**Activity**.
Please print each record exactly, omitting none of them.

Dataset entries:
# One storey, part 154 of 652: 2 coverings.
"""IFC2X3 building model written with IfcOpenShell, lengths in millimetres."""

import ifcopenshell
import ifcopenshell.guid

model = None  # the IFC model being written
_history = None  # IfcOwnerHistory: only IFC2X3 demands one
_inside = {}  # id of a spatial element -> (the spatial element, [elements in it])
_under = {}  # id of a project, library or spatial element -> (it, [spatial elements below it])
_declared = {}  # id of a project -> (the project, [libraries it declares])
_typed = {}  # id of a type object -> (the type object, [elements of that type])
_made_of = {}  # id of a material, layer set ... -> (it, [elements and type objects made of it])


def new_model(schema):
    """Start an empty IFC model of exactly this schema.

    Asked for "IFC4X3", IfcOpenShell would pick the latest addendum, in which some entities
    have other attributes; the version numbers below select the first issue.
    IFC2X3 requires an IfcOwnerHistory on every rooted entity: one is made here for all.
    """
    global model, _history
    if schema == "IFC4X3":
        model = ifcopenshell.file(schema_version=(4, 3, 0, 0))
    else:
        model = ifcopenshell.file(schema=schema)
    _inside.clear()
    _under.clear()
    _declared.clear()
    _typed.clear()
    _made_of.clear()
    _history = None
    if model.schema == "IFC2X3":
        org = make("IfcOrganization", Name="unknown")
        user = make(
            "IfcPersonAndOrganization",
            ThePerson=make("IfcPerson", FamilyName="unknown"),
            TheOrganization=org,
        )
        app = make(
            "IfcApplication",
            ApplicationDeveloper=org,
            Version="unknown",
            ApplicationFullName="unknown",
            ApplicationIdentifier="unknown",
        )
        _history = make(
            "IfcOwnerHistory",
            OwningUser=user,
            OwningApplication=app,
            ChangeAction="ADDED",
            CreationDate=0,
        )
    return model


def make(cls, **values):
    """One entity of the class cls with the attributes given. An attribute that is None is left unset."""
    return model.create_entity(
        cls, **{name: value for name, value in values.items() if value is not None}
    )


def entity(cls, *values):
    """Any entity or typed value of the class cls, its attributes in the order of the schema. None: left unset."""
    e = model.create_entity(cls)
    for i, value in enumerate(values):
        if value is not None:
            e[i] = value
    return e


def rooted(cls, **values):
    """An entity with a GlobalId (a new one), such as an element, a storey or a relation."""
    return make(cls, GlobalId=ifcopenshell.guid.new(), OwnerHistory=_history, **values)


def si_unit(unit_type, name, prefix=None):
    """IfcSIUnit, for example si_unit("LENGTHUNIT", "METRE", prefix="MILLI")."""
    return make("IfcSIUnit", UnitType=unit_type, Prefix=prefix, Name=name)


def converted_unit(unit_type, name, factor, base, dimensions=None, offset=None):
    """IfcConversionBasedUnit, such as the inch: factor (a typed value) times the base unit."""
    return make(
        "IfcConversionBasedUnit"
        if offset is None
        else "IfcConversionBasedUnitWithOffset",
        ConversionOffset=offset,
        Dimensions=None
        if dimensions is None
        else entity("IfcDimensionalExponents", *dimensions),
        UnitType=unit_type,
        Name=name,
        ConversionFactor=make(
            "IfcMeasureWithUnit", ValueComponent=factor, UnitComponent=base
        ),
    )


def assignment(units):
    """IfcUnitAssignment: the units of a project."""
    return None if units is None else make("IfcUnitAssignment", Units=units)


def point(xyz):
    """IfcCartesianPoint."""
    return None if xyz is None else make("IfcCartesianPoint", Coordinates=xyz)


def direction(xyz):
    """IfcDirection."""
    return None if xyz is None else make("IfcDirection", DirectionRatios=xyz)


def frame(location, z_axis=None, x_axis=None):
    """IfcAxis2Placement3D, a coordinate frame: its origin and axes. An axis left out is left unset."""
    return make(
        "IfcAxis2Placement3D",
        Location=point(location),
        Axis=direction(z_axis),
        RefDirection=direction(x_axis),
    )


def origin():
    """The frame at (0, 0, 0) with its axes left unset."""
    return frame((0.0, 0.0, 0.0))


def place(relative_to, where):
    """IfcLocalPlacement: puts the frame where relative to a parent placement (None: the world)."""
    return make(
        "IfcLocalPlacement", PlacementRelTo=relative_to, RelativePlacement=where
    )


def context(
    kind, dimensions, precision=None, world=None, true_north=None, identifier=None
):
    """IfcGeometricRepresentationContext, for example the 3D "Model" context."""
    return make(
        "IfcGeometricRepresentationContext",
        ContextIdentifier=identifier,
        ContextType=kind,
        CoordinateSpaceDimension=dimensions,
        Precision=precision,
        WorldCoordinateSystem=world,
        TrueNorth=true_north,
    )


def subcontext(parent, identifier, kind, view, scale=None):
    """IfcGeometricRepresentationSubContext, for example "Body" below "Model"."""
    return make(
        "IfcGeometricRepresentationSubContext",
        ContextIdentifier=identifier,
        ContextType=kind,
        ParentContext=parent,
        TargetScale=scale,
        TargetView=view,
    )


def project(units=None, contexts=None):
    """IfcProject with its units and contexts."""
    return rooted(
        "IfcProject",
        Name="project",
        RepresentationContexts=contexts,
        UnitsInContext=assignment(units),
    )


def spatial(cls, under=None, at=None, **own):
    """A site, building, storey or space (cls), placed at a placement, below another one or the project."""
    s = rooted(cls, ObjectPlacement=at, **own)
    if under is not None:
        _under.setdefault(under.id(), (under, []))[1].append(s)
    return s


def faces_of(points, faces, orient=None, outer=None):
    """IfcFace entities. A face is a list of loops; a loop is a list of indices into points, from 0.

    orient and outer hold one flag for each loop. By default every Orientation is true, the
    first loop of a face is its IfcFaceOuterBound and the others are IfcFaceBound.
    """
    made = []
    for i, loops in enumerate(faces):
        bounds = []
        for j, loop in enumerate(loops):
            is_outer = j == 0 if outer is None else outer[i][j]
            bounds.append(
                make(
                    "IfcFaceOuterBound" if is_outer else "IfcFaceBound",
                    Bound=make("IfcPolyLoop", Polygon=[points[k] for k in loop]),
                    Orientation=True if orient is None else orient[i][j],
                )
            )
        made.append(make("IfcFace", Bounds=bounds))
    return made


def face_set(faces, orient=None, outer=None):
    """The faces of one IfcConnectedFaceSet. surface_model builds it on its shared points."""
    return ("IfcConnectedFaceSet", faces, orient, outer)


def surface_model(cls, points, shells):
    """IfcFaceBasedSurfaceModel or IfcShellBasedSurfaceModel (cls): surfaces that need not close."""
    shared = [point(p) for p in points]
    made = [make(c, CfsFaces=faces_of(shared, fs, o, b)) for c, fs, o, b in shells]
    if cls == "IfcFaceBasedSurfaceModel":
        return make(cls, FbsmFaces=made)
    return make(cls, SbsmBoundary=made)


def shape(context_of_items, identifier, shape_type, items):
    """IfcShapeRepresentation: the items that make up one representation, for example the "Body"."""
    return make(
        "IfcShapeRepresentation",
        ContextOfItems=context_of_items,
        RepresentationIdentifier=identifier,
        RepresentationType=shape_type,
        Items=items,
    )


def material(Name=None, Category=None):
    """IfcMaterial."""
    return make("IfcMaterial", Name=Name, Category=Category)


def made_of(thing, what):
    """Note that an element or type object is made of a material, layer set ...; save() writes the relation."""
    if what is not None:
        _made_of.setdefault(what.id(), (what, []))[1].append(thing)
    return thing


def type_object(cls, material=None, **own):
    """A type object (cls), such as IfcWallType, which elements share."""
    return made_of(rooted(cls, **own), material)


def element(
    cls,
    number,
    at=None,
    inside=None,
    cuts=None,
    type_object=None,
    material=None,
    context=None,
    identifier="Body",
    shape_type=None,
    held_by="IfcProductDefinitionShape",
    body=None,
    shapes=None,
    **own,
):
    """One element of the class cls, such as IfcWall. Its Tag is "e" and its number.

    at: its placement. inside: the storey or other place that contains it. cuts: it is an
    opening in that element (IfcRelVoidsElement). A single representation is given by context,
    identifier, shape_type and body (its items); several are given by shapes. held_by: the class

**Output of the task**.
# One storey, part 154 of 652: 2 coverings.
"""IFC2X3 building model written with IfcOpenShell, lengths in millimetres."""

import ifcopenshell
import ifcopenshell.guid

model = None  # the IFC model being written
_history = None  # IfcOwnerHistory: only IFC2X3 demands one
_inside = {}  # id of a spatial element -> (the spatial element, [elements in it])
_under = {}  # id of a project, library or spatial element -> (it, [spatial elements below it])
_declared = {}  # id of a project -> (the project, [libraries it declares])
_typed = {}  # id of a type object -> (the type object, [elements of that type])
_made_of = {}  # id of a material, layer set ... -> (it, [elements and type objects made of it])


def new_model(schema):
    """Start an empty IFC model of exactly this schema.

    Asked for "IFC4X3", IfcOpenShell would pick the latest addendum, in which some entities
    have other attributes; the version numbers below select the first issue.
    IFC2X3 requires an IfcOwnerHistory on every rooted entity: one is made here for all.
    """
    global model, _history
    if schema == "IFC4X3":
        model = ifcopenshell.file(schema_version=(4, 3, 0, 0))
    else:
        model = ifcopenshell.file(schema=schema)
    _inside.clear()
    _under.clear()
    _declared.clear()
    _typed.clear()
    _made_of.clear()
    _history = None
    if model.schema == "IFC2X3":
        org = make("IfcOrganization", Name="unknown")
        user = make(
            "IfcPersonAndOrganization",
            ThePerson=make("IfcPerson", FamilyName="unknown"),
            TheOrganization=org,
        )
        app = make(
            "IfcApplication",
            ApplicationDeveloper=org,
            Version="unknown",
            ApplicationFullName="unknown",
            ApplicationIdentifier="unknown",
        )
        _history = make(
            "IfcOwnerHistory",
            OwningUser=user,
            OwningApplication=app,
            ChangeAction="ADDED",
            CreationDate=0,
        )
    return model


def make(cls, **values):
    """One entity of the class cls with the attributes given. An attribute that is None is left unset."""
    return model.create_entity(
        cls, **{name: value for name, value in values.items() if value is not None}
    )


def entity(cls, *values):
    """Any entity or typed value of the class cls, its attributes in the order of the schema. None: left unset."""
    e = model.create_entity(cls)
    for i, value in enumerate(values):
        if value is not None:
            e[i] = value
    return e


def rooted(cls, **values):
    """An entity with a GlobalId (a new one), such as an element, a storey or a relation."""
    return make(cls, GlobalId=ifcopenshell.guid.new(), OwnerHistory=_history, **values)


def si_unit(unit_type, name, prefix=None):
    """IfcSIUnit, for example si_unit("LENGTHUNIT", "METRE", prefix="MILLI")."""
    return make("IfcSIUnit", UnitType=unit_type, Prefix=prefix, Name=name)


def converted_unit(unit_type, name, factor, base, dimensions=None, offset=None):
    """IfcConversionBasedUnit, such as the inch: factor (a typed value) times the base unit."""
    return make(
        "IfcConversionBasedUnit"
        if offset is None
        else "IfcConversionBasedUnitWithOffset",
        ConversionOffset=offset,
        Dimensions=None
        if dimensions is None
        else entity("IfcDimensionalExponents", *dimensions),
        UnitType=unit_type,
        Name=name,
        ConversionFactor=make(
            "IfcMeasureWithUnit", ValueComponent=factor, UnitComponent=base
        ),
    )


def assignment(units):
    """IfcUnitAssignment: the units of a project."""
    return None if units is None else make("IfcUnitAssignment", Units=units)


def point(xyz):
    """IfcCartesianPoint."""
    return None if xyz is None else make("IfcCartesianPoint", Coordinates=xyz)


def direction(xyz):
    """IfcDirection."""
    return None if xyz is None else make("IfcDirection", DirectionRatios=xyz)


def frame(location, z_axis=None, x_axis=None):
    """IfcAxis2Placement3D, a coordinate frame: its origin and axes. An axis left out is left unset."""
    return make(
        "IfcAxis2Placement3D",
        Location=point(location),
        Axis=direction(z_axis),
        RefDirection=direction(x_axis),
    )


def origin():
    """The frame at (0, 0, 0) with its axes left unset."""
    return frame((0.0, 0.0, 0.0))


def place(relative_to, where):
    """IfcLocalPlacement: puts the frame where relative to a parent placement (None: the world)."""
    return make(
        "IfcLocalPlacement", PlacementRelTo=relative_to, RelativePlacement=where
    )


def context(
    kind, dimensions, precision=None, world=None, true_north=None, identifier=None
):
    """IfcGeometricRepresentationContext, for example the 3D "Model" context."""
    return make(
        "IfcGeometricRepresentationContext",
        ContextIdentifier=identifier,
        ContextType=kind,
        CoordinateSpaceDimension=dimensions,
        Precision=precision,
        WorldCoordinateSystem=world,
        TrueNorth=true_north,
    )


def subcontext(parent, identifier, kind, view, scale=None):
    """IfcGeometricRepresentationSubContext, for example "Body" below "Model"."""
    return make(
        "IfcGeometricRepresentationSubContext",
        ContextIdentifier=identifier,
        ContextType=kind,
        ParentContext=parent,
        TargetScale=scale,
        TargetView=view,
    )


def project(units=None, contexts=None):
    """IfcProject with its units and contexts."""
    return rooted(
        "IfcProject",
        Name="project",
        RepresentationContexts=contexts,
        UnitsInContext=assignment(units),
    )


def spatial(cls, under=None, at=None, **own):
    """A site, building, storey or space (cls), placed at a placement, below another one or the project."""
    s = rooted(cls, ObjectPlacement=at, **own)
    if under is not None:
        _under.setdefault(under.id(), (under, []))[1].append(s)
    return s


def faces_of(points, faces, orient=None, outer=None):
    """IfcFace entities. A face is a list of loops; a loop is a list of indices into points, from 0.

    orient and outer hold one flag for each loop. By default every Orientation is true, the
    first loop of a face is its IfcFaceOuterBound and the others are IfcFaceBound.
    """
    made = []
    for i, loops in enumerate(faces):
        bounds = []
        for j, loop in enumerate(loops):
            is_outer = j == 0 if outer is None else outer[i][j]
            bounds.append(
                make(
                    "IfcFaceOuterBound" if is_outer else "IfcFaceBound",
                    Bound=make("IfcPolyLoop", Polygon=[points[k] for k in loop]),
                    Orientation=True if orient is None else orient[i][j],
                )
            )
        made.append(make("IfcFace", Bounds=bounds))
    return made


def face_set(faces, orient=None, outer=None):
    """The faces of one IfcConnectedFaceSet. surface_model builds it on its shared points."""
    return ("IfcConnectedFaceSet", faces, orient, outer)


def surface_model(cls, points, shells):
    """IfcFaceBasedSurfaceModel or IfcShellBasedSurfaceModel (cls): surfaces that need not close."""
    shared = [point(p) for p in points]
    made = [make(c, CfsFaces=faces_of(shared, fs, o, b)) for c, fs, o, b in shells]
    if cls == "IfcFaceBasedSurfaceModel":
        return make(cls, FbsmFaces=made)
    return make(cls, SbsmBoundary=made)


def shape(context_of_items, identifier, shape_type, items):
    """IfcShapeRepresentation: the items that make up one representation, for example the "Body"."""
    return make(
        "IfcShapeRepresentation",
        ContextOfItems=context_of_items,
        RepresentationIdentifier=identifier,
        RepresentationType=shape_type,
        Items=items,
    )


def material(Name=None, Category=None):
    """IfcMaterial."""
    return make("IfcMaterial", Name=Name, Category=Category)


def made_of(thing, what):
    """Note that an element or type object is made of a material, layer set ...; save() writes the relation."""
    if what is not None:
        _made_of.setdefault(what.id(), (what, []))[1].append(thing)
    return thing


def type_object(cls, material=None, **own):
    """A type object (cls), such as IfcWallType, which elements share."""
    return made_of(rooted(cls, **own), material)


def element(
    cls,
    number,
    at=None,
    inside=None,
    cuts=None,
    type_object=None,
    material=None,
    context=None,
    identifier="Body",
    shape_type=None,
    held_by="IfcProductDefinitionShape",
    body=None,
    shapes=None,
    **own,
):
    """One element of the class cls, such as IfcWall. Its Tag is "e" and its number.

    at: its placement. inside: the storey or other place that contains it. cuts: it is an
    opening in that element (IfcRelVoidsElement). A single representation is given by context,
    identifier, shape_type and body (its items); several are given by shapes. held_by: the class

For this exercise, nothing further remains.